» **Data records**

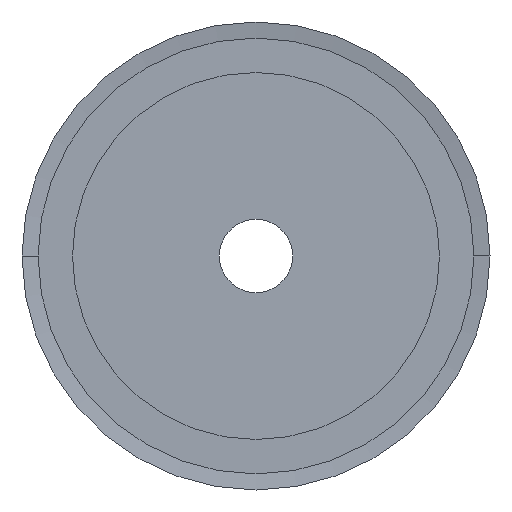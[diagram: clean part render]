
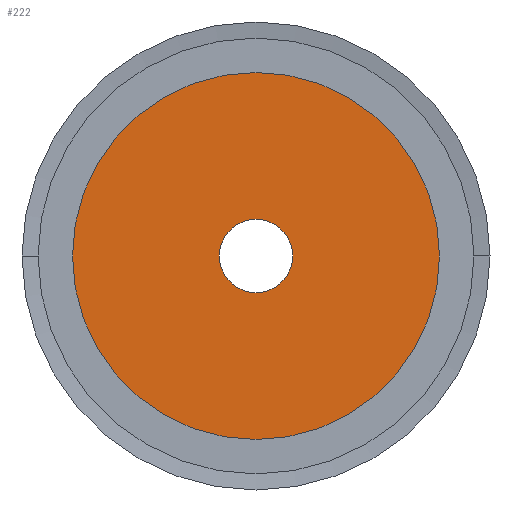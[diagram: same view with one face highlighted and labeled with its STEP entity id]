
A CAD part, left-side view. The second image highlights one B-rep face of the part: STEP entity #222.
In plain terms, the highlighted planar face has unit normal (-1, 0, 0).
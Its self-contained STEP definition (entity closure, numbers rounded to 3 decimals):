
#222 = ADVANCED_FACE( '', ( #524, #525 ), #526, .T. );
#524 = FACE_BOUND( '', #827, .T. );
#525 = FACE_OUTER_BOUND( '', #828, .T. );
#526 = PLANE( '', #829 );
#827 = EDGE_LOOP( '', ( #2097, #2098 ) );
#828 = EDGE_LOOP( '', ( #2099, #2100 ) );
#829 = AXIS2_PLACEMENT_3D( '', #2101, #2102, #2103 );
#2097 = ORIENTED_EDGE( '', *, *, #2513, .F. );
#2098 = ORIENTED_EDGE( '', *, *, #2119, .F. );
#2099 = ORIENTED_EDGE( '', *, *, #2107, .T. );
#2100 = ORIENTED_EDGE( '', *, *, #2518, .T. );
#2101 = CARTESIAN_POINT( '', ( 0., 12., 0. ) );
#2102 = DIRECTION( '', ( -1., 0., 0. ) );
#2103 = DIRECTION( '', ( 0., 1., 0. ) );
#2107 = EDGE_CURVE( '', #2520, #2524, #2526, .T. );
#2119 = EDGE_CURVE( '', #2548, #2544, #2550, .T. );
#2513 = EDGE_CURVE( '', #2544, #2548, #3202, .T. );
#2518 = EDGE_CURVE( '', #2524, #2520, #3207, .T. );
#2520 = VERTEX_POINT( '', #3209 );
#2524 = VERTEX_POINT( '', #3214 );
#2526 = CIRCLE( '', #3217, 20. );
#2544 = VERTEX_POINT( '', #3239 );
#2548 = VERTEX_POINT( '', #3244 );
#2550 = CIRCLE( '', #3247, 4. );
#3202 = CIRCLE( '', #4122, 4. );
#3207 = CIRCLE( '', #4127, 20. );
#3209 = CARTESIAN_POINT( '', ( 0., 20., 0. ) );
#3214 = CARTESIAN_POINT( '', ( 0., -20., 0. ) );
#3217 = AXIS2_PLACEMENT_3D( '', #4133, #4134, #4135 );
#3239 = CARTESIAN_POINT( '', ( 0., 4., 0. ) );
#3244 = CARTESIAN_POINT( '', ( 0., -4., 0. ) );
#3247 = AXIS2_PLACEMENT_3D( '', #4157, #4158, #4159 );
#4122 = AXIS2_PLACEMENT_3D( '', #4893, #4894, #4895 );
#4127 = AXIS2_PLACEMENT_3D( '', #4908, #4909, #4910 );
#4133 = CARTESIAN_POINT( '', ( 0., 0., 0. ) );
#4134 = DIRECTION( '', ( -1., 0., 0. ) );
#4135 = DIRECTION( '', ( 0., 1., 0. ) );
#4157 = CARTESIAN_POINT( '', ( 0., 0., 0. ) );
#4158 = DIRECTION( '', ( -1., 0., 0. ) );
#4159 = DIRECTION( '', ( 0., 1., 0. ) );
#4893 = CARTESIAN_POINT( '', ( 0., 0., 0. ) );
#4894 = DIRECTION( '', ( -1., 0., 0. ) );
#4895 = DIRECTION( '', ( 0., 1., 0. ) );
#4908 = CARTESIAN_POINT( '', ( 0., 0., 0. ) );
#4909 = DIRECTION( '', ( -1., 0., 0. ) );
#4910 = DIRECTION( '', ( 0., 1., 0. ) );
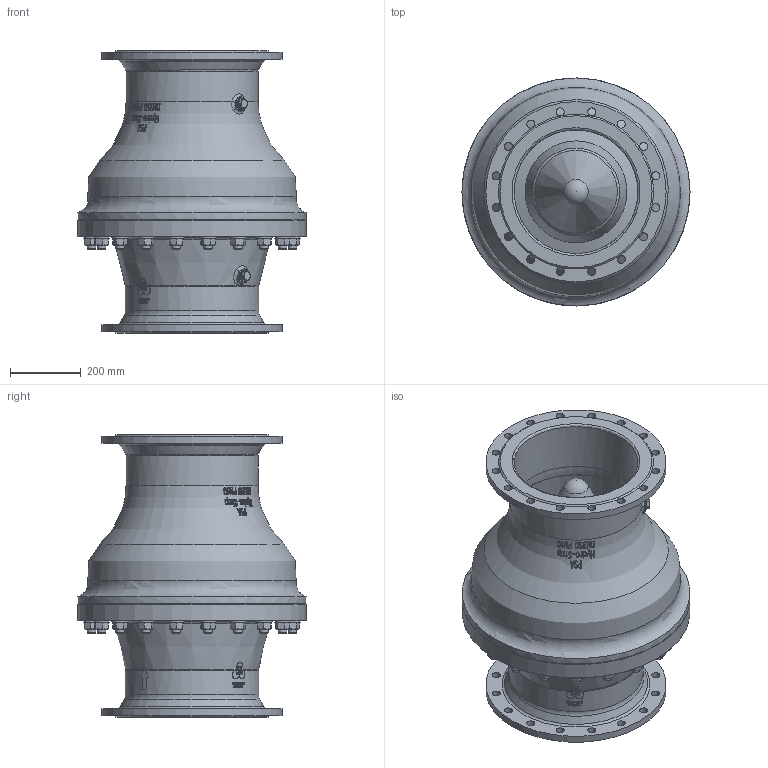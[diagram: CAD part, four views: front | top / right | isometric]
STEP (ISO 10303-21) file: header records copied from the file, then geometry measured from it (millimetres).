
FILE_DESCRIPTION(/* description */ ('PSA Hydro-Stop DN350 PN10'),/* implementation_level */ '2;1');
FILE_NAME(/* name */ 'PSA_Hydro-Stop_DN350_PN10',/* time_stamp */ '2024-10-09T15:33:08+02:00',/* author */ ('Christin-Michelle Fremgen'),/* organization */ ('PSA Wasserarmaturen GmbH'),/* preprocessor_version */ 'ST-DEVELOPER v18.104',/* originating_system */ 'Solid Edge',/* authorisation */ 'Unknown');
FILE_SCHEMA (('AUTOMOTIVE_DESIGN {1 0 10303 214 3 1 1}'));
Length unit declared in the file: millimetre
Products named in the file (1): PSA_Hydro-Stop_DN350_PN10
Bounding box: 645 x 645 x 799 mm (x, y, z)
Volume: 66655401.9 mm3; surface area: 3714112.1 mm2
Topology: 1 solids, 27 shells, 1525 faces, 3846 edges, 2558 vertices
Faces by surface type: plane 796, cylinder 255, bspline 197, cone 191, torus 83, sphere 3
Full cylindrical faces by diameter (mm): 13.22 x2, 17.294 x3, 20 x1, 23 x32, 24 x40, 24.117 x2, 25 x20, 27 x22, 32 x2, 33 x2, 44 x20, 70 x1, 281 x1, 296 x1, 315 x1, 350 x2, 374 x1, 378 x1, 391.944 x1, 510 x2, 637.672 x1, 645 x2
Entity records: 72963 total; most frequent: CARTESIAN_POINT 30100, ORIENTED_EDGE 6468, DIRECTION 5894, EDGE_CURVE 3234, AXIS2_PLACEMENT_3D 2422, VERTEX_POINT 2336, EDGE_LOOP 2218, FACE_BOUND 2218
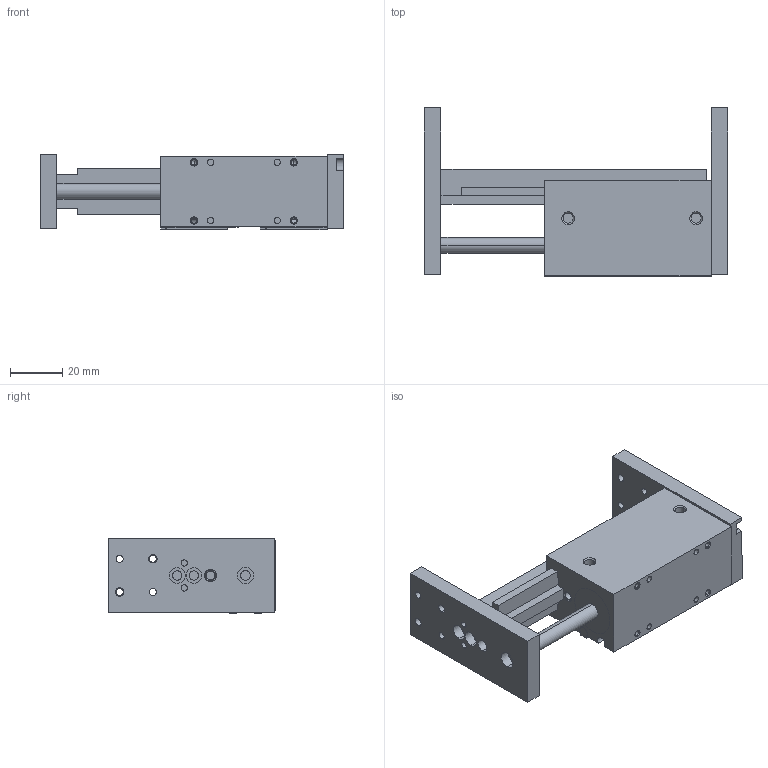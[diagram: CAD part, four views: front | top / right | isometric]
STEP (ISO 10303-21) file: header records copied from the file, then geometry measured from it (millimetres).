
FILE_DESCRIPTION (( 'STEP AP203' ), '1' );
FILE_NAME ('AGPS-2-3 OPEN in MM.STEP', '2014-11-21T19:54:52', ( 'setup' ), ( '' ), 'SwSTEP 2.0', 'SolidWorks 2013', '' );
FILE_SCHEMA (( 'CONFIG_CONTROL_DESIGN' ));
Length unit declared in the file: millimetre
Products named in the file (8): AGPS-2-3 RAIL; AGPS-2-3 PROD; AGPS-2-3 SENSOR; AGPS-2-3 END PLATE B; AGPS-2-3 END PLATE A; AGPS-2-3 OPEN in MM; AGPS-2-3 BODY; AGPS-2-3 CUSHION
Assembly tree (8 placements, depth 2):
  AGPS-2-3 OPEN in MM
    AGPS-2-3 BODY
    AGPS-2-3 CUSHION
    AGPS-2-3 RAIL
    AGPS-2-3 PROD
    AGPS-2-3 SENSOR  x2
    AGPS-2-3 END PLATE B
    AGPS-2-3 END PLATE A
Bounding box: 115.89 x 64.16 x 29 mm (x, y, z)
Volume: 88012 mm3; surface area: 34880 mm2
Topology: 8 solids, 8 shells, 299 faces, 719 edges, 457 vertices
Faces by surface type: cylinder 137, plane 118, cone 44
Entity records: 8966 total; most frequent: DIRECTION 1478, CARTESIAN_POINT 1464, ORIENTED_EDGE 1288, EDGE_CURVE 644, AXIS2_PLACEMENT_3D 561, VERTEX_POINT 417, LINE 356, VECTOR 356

» **WHAT TO DO**
The copy should hold only the lines from the one with "#4135 = DIRECTION( '', ( 0., 1., 0. ) );" through the one with "FILE_DESCRIPTION(/* description */", exactly as they stand above. Leave out the pictures.

» **OUTPUT**
#4135 = DIRECTION( '', ( 0., 1., 0. ) );
#4157 = CARTESIAN_POINT( '', ( 0., 0., 0. ) );
#4158 = DIRECTION( '', ( -1., 0., 0. ) );
#4159 = DIRECTION( '', ( 0., 1., 0. ) );
#4893 = CARTESIAN_POINT( '', ( 0., 0., 0. ) );
#4894 = DIRECTION( '', ( -1., 0., 0. ) );
#4895 = DIRECTION( '', ( 0., 1., 0. ) );
#4908 = CARTESIAN_POINT( '', ( 0., 0., 0. ) );
#4909 = DIRECTION( '', ( -1., 0., 0. ) );
#4910 = DIRECTION( '', ( 0., 1., 0. ) );
[diagram: CAD part, four views: front | top / right | isometric]
STEP (ISO 10303-21) file: header records copied from the file, then geometry measured from it (millimetres).
FILE_DESCRIPTION(/* description */ ('PSA Hydro-Stop DN350 PN10'),/* implementation_level */ '2;1');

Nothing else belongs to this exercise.